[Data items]
━━━━━━━━━━━━━━━━━━━━━━━━━━━━━━
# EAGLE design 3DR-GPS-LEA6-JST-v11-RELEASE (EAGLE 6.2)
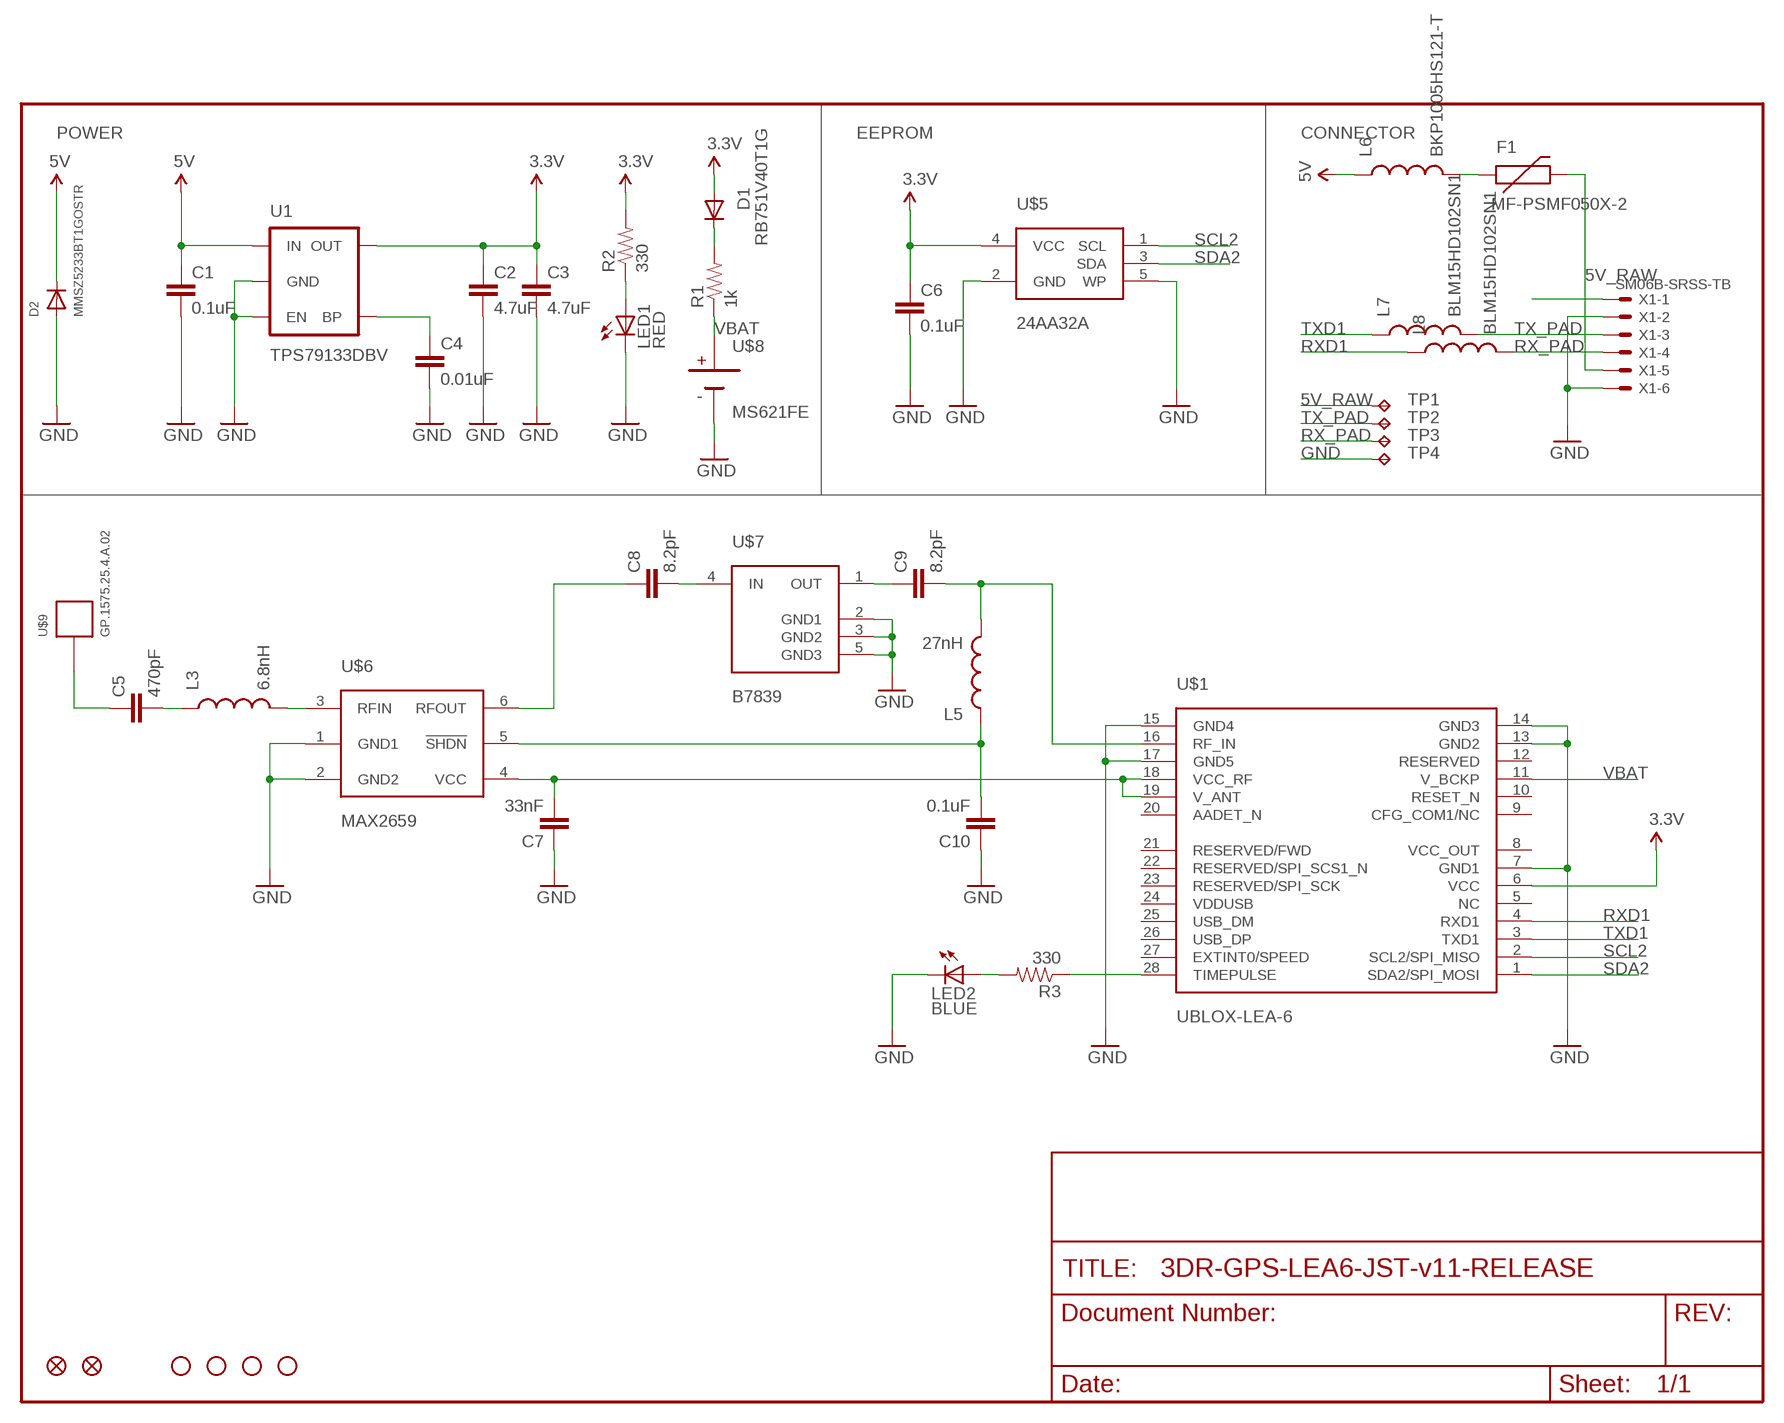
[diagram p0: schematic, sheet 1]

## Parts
C1  0.1uF  CAP0402-CAP  [0402-CAP]
C2  4.7uF  CAP0805  [0805]
C3  4.7uF  CAP0805  [0805]
C4  0.01uF  CAP0402-CAP  [0402-CAP]
C5  470pF  CAP0402-CAP  [0402-CAP]
C6  0.1uF  CAP0402-CAP  [0402-CAP]
C7  33nF  CAP0402-CAP  [0402-CAP]
C8  8.2pF  CAP0402-CAP  [0402-CAP]
C9  8.2pF  CAP0402-CAP  [0402-CAP]
C10  0.1uF  CAP0402-CAP  [0402-CAP]
D1  RB751V40T1G  DIODESOD  [SOD-323]
D2  MMSZ5233BT1GOSTR  DIODESOD-123  [SOD-123]
F1  MF-PSMF050X-2  PTC  [0805]
JP1  FIDUCIAL1X2  [FIDUCIAL-1X2]
JP2  FIDUCIAL1X2  [FIDUCIAL-1X2]
JP3  STAND-OFF  [STAND-OFF]
JP4  STAND-OFF  [STAND-OFF]
JP5  STAND-OFF  [STAND-OFF]
JP6  STAND-OFF  [STAND-OFF]
L3  6.8nH  INDUCTOR0402  [C0402]
L5  27nH  INDUCTOR0402  [C0402]
L6  BKP1005HS121-T  INDUCTOR0402  [0402-IND]
L7  BLM15HD102SN1  INDUCTOR0402  [0402-IND]
L8  BLM15HD102SN1  INDUCTOR0402  [0402-IND]
LED1  RED  LED0603  [LED-0603]
LED2  BLUE  LED0603  [LED-0603]
R1  1k  RESISTOR0402-RES  [0402-RES]
R2  330  RESISTOR0402-RES  [0402-RES]
R3  330  RESISTOR0402-RES  [0402-RES]
TP1  TPTP20SQ  [TP20SQ]
TP2  TPTP20SQ  [TP20SQ]
TP3  TPTP20SQ  [TP20SQ]
TP4  TPTP20SQ  [TP20SQ]
U1  TPS79133DBV  V_REG_LDOSMD  [SOT23-5]
U$1  UBLOX-LEA-6  [UBLOX-LEA-6]
U$5  24AA32A  [SOT23-5]
U$6  MAX2659  [UDFN-6]
U$7  B7839  [QCS5E]
U$8  MS621FE  [MS621FE]
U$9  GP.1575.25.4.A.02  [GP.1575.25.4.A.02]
━━━━━━━━━━━━━━━━━━━━━━━━━━━━━━
[ASSIGNMENT]:
Please set down the lines above word for word and leave out the pictures.

[SOLUTION TO THIS TASK]:
# EAGLE design 3DR-GPS-LEA6-JST-v11-RELEASE (EAGLE 6.2)
[diagram p0: schematic, sheet 1]

## Parts
C1  0.1uF  CAP0402-CAP  [0402-CAP]
C2  4.7uF  CAP0805  [0805]
C3  4.7uF  CAP0805  [0805]
C4  0.01uF  CAP0402-CAP  [0402-CAP]
C5  470pF  CAP0402-CAP  [0402-CAP]
C6  0.1uF  CAP0402-CAP  [0402-CAP]
C7  33nF  CAP0402-CAP  [0402-CAP]
C8  8.2pF  CAP0402-CAP  [0402-CAP]
C9  8.2pF  CAP0402-CAP  [0402-CAP]
C10  0.1uF  CAP0402-CAP  [0402-CAP]
D1  RB751V40T1G  DIODESOD  [SOD-323]
D2  MMSZ5233BT1GOSTR  DIODESOD-123  [SOD-123]
F1  MF-PSMF050X-2  PTC  [0805]
JP1  FIDUCIAL1X2  [FIDUCIAL-1X2]
JP2  FIDUCIAL1X2  [FIDUCIAL-1X2]
JP3  STAND-OFF  [STAND-OFF]
JP4  STAND-OFF  [STAND-OFF]
JP5  STAND-OFF  [STAND-OFF]
JP6  STAND-OFF  [STAND-OFF]
L3  6.8nH  INDUCTOR0402  [C0402]
L5  27nH  INDUCTOR0402  [C0402]
L6  BKP1005HS121-T  INDUCTOR0402  [0402-IND]
L7  BLM15HD102SN1  INDUCTOR0402  [0402-IND]
L8  BLM15HD102SN1  INDUCTOR0402  [0402-IND]
LED1  RED  LED0603  [LED-0603]
LED2  BLUE  LED0603  [LED-0603]
R1  1k  RESISTOR0402-RES  [0402-RES]
R2  330  RESISTOR0402-RES  [0402-RES]
R3  330  RESISTOR0402-RES  [0402-RES]
TP1  TPTP20SQ  [TP20SQ]
TP2  TPTP20SQ  [TP20SQ]
TP3  TPTP20SQ  [TP20SQ]
TP4  TPTP20SQ  [TP20SQ]
U1  TPS79133DBV  V_REG_LDOSMD  [SOT23-5]
U$1  UBLOX-LEA-6  [UBLOX-LEA-6]
U$5  24AA32A  [SOT23-5]
U$6  MAX2659  [UDFN-6]
U$7  B7839  [QCS5E]
U$8  MS621FE  [MS621FE]
U$9  GP.1575.25.4.A.02  [GP.1575.25.4.A.02]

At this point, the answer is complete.